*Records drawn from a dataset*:

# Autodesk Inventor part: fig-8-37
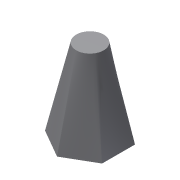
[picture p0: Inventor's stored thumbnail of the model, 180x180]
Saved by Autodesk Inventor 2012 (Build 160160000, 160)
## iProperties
Created: 2007-05
Part Number: fig-8-37
Document SubType Name: Modeling
Designer: Administrator
Density: 1 g/cm^3
Material: Default
Author: Administrator
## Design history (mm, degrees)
sketch "Sketch1"
  geometry: L1 (0, 30)-(25.981, 15); L2 (25.981, 15)-(25.981, -15); L3 (25.981, -15)-(0, -30); L4 (0, -30)-(-25.981, -15); L5 (-25.981, -15)-(-25.981, 15); L6 (-25.981, 15)-(0, 30); 2 further points
  constraints: 12 end point, 1 coincident, 1 vertical, 14 other
workplane "Work Plane1"
sketch "Sketch2"
  geometry: C1 r 12.5 at (0, 0)
  constraints: 1 centre point, 1 other
sketch "Sketch3"
  geometry: L1 (0, 0)-(0, 75)
  constraints: 2 end point, 1 vertical, 1 other
loft "Loft1" dims "d5" = 0, "d6" = 90 deg, "d7" = 0, "d8" = 90 deg
body "Solid1"
other parameters: "d1" = 75

*Assignment*:
Supply only the count of lines above holding "Inventor".

*Result of the task*:
3